Victor made himself shrug. If his greencoats and the English regulars failed, those so-called diplomats would have less to work with. All he could do was all he could do. He aimed to do it.
A miner, stripped to the waist and muddied all over, carried another basket of spoil on his back out of the tunnel opening. The dirt wouldn't go into the river till after nightfall, to keep the defenders from realizing how much of it came from this one spot. The miner looked up at sky and sunshine as if he hadn't seen them for years. "Bloody good to breathe fresh air," he remarked to no one in particular.
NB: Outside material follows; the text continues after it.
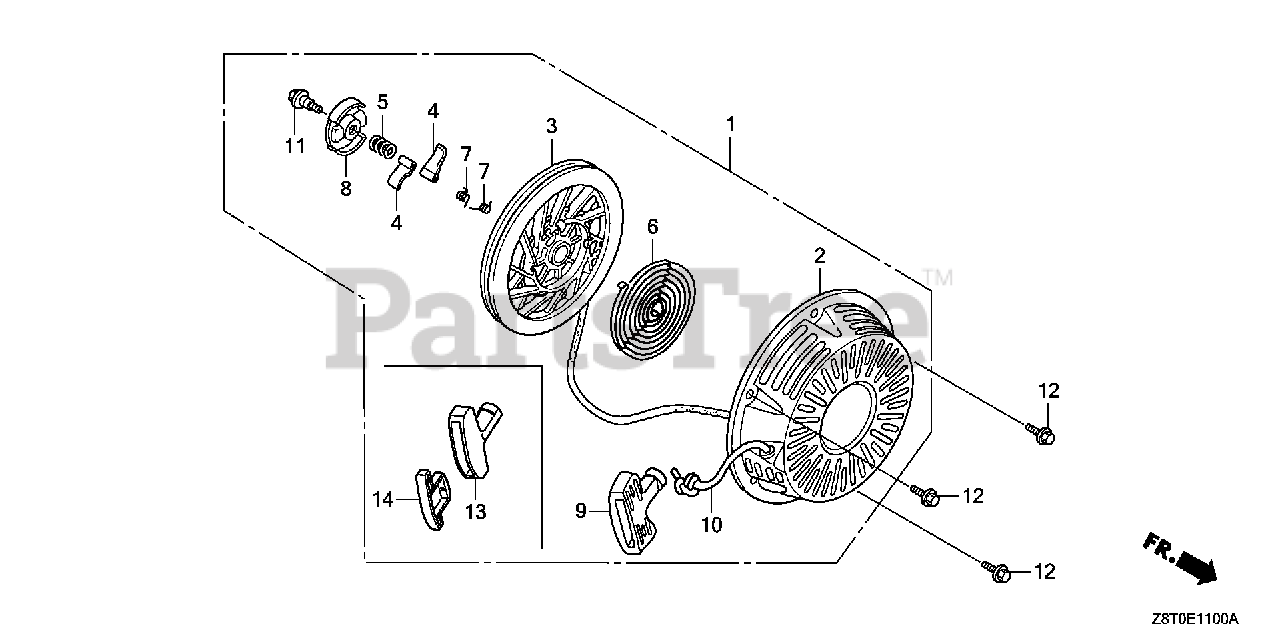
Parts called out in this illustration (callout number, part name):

Victor believed that. He wouldn't have wanted to scrape away far underground, in Stygian darkness illuminated only by candles and feeble lamps, never knowing if all the countless tons of earth and rock above him were about to cave in and crush him to jelly. Timber shored up the passage into the earth, but all the same…
The man sighed. "Ah, well. Back to it." He grabbed the empty basket and vanished once more into the bowels of the earth.
"Brave fellow," the English lieutenant-colonel said. He'd been watching the miner, too, then.
"He is," Victor agreed. "Can they really dig a straight line under the ground? Or will they lose their bearing?"
"They check it by compass, inside and out," the English officer replied. "So the chief engineer assures me. They have had a deal of practice at this sort of thing grubbing out coal on the other side of the ocean, you know."
"They're beginning to do that here, too, up in the north," Radcliff said. "Fewer trees close by where they're needed than there were when settlers first found Atlantis. And coal burns better, which also has its uses. But I don't think anyone could pay me enough to make my living underground."
"Nor me." The lieutenant-colonel shuddered. He seemed glad to point upward toward the town at the top of the hill. "Could your riflemen snipe a bit more than they have been lately? We don't want the foe to think we've given up on taking the fort by ordinary means."
"I'll take care of it, sir," Victor promised. "We don't even have to hit them, so long as they know we're shooting at them."
"Just so." The English officer smiled. "A peaceable sort of war, is it not?"
"It sure is," Victor said. If this scheme worked, if the French gave up…
A few days later, one of his riflemen came back swearing. "I had him in my sights-the French commander, old damned what's-his-name," the man said. "Had him in my sights, and I fired…and I missed. Bugger me with a redwood cone, but I missed."